Required: CUDA 13.x (symlink /usr/local/cuda-13), torch 2.11+cu130, Python 3.11+.

Active model matrix

One harness per model, each pinned to the highest-fidelity native endpoint.

Model Harness Route
Claude Opus 4.7 claude Anthropic direct
GPT-5.5 xhigh codex (-c model_reasoning_effort="xhigh") OpenAI direct (npm @openai/codex)
Kimi K2.6 kimi Moonshot direct (api.moonshot.cn)
GLM-5.1 opencode zai/glm-5.1 Z.AI direct (api.z.ai)
Minimax M2.7 opencode openrouter-pinned/minimax/minimax-m2.7 OpenRouter pinned to Minimax lab (fp8)
DeepSeek V4 Pro opencode deepseek/deepseek-v4-pro DeepSeek direct (api.deepseek.com)
DeepSeek V4 Flash opencode deepseek/deepseek-v4-flash DeepSeek direct (api.deepseek.com)

7 models × 7 problems = 49 agent-runs per sweep (~37 GPU-hours at 45min/run).

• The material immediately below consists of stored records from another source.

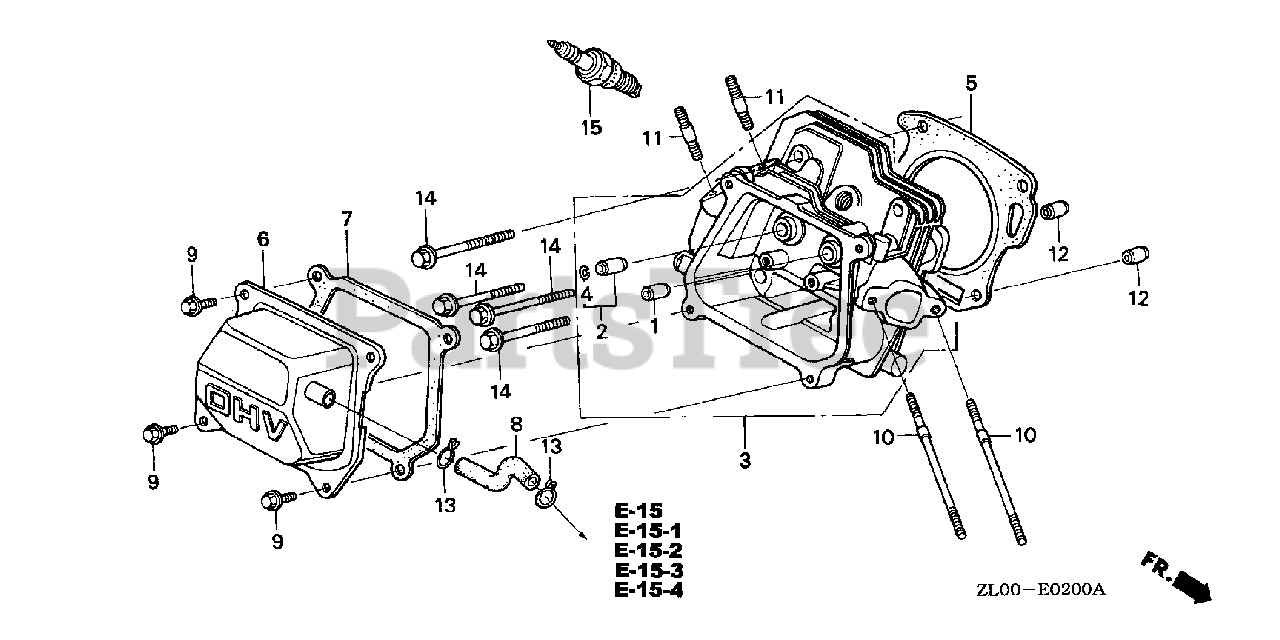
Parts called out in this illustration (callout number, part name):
1	GUIDE, VALVE (OS)
2	GUIDE, EX. VALVE (OS)
3	CYLINDER HEAD
4	CLIP, VALVE GUIDE
5	GASKET, CYLINDER HEAD
6	COVER, HEAD
7	GASKET, CYLINDER HEAD COVER
8	TUBE, BREATHER
9	BOLT, FLANGE (6X12) (CT200)
10	BOLT, STUD (6X109)
11	BOLT, STUD (8X32)
12	PIN A, DOWEL (10X16)
14	BOLT, FLANGE (8X60)
15	SPARK PLUG (BPR6ES) (NGK)
15	SPARK PLUG (W20EPR-U) (DENSO)
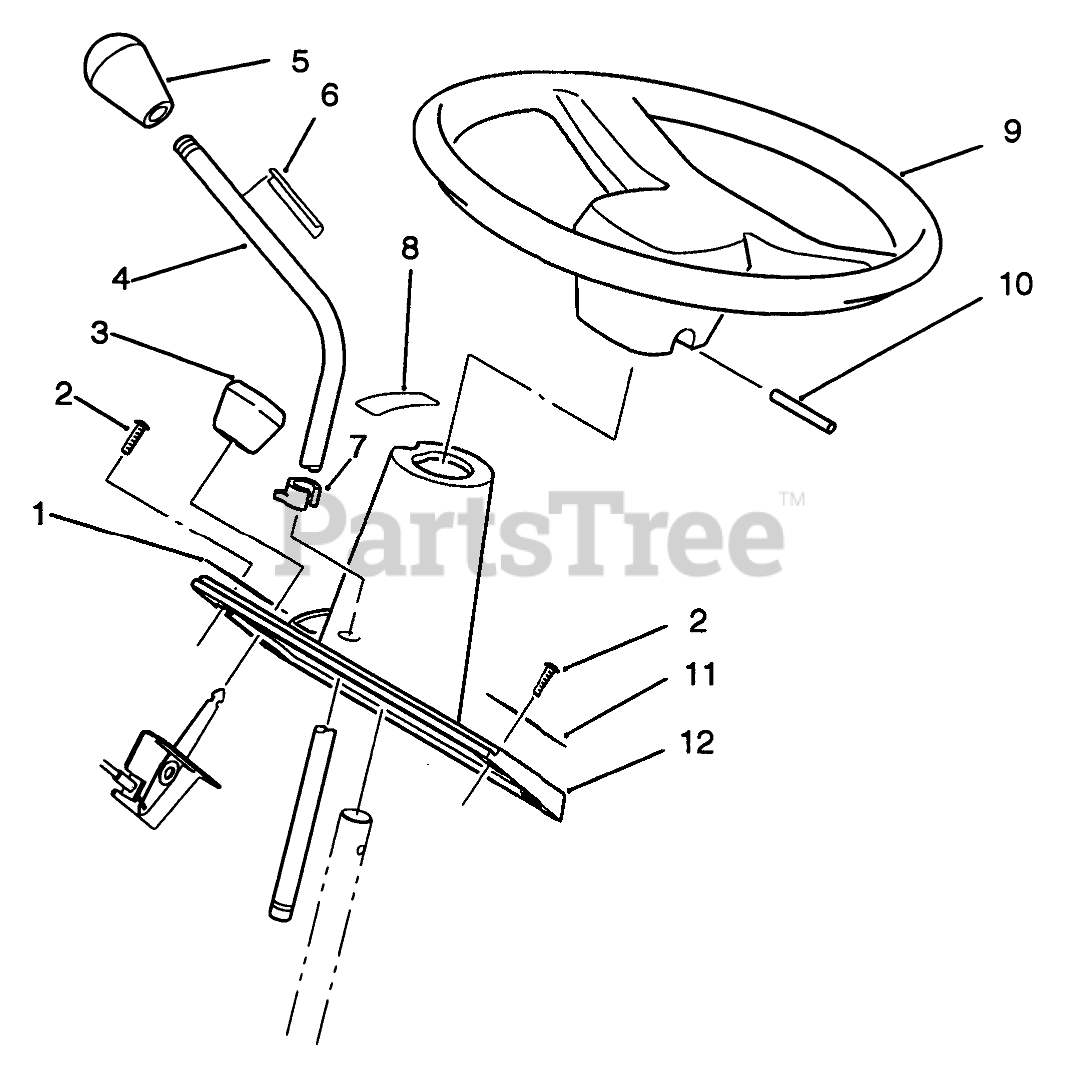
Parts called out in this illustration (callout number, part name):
1	Decal-Throttle
2	SCREW
3	KNOB-THROTTLE
4	ROD-SHIFT LEVER
6	DECAL-MOTION CONTROL
7	POINTER
8	DECAL-HYDRO MOTION
9	Steering Wheel
10	PIN-ROLL
11	Decal-Height of Cut
12	CONSOLE
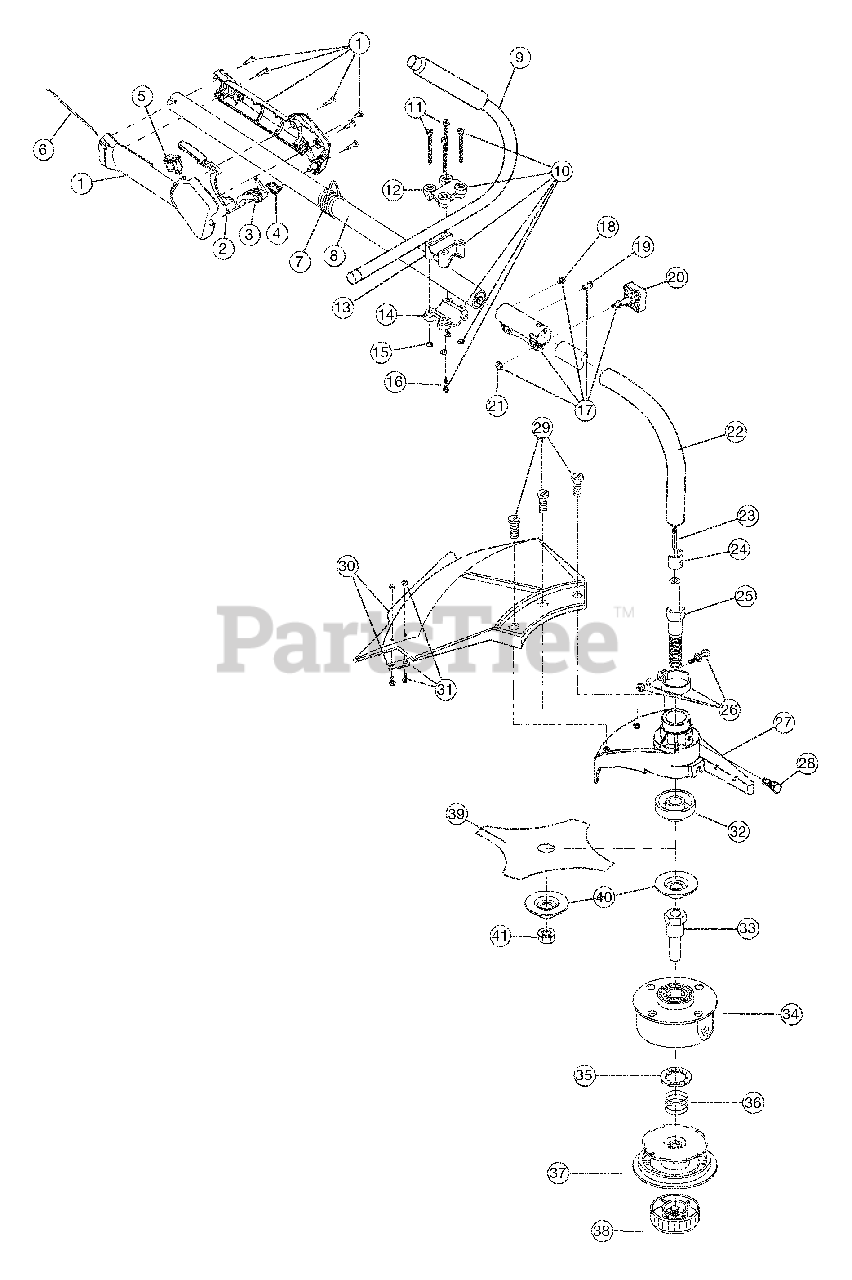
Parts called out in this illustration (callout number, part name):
1	Throttle Housing and Trigger Assembly
2	Throttle Trigger Lock-Out
3	Throttle Trigger
4	Throttle Trigger Spring
5	Switch Assembly
6	Throttle Cable Assembly
7	Harness Clip
8	Upper Drive Shaft Housing Assembly
9	J-Handle Assembly
10	Handle Bracket Assembly
12	Upper Handle Clamp
13	Middle Handle Clamp
14	Lower Handle Clamp
16	Anti-Rotation Screw
17	EZ-Link Coupler
20	Adjustment Knob
21	Knob Retaining Nut
22	Lower Drive Shaft Housing Assembly
23	Lower Flexible Drive Shaft
24	Retainer Sleeve
25	Output Shaft
26	Clamp Assembly
27	Bearing Housing Assembly
28	Mounting Bolt
29	Shield Mounting Screw
30	Shield and Blade Assembly
31	Blade Assembly
32	Shaft Bushing
33	Spool Shaft
34	Outer Spool
35	Retainer
36	Spring
37	Inner Reel
38	Bump Head Knob Assembly
39	4-Tooth Blade
40	Retaining Washer

Codex binary note. The harness uses the npm-distributed @openai/codex (currently 0.125.0) installed at ~/.local/node-*/bin/codex. The shell has codex aliased to a locally-built rust binary, but aliases don't expand inside non-interactive scripts, so the harness picks up the npm version automatically via PATH. To upgrade in the future: npm install -g @openai/codex.

Deferred / upcoming

  • Gemini 3.1 Pro (via gemini-cli) — low community interest; adding once bandwidth clears.
  • Other models: to be populated — Grok, Qwen, Sonnet 4.6, etc.

Quick start

# Install (uv only)
uv sync

# Apply torch inductor CSE typing hotfix (required for torch 2.11.0 compile baseline)
./scripts/patch_torch.sh

# Run a single problem through a single harness
./scripts/run_hard.sh claude claude-opus-4-7 problems/01_fp8_gemm

# Full sweep (active matrix × all 7 CUDA problems)
./scripts/sweep.sh

# Plot roofline for a completed run
uv run python scripts/roofline_plot.py outputs/runs/<run_dir>

Viewing transcripts in a browser

Each run produces a transcript.jsonl (or codex_session.jsonl for Codex). The viewer renders one of these as a self-contained HTML page with collapsible reasoning, tool calls, unified diffs for file writes, syntax-highlighted artifacts, and (for Claude Code) collapsed subagent dropdowns.

Generate the HTML

# Auto-detects the harness format
uv run python -m src.viewer outputs/runs/<run_dir>

# Specify a transcript file explicitly
uv run python -m src.viewer outputs/runs/<run_dir> --transcript codex_session.jsonl

# Open in a local browser (works only if you're on the GPU box itself)
uv run python -m src.viewer outputs/runs/<run_dir> --open

Output: outputs/runs/<run_dir>/index.html — a single self-contained file (CSS embedded, Prism.js loaded from CDN for syntax highlighting).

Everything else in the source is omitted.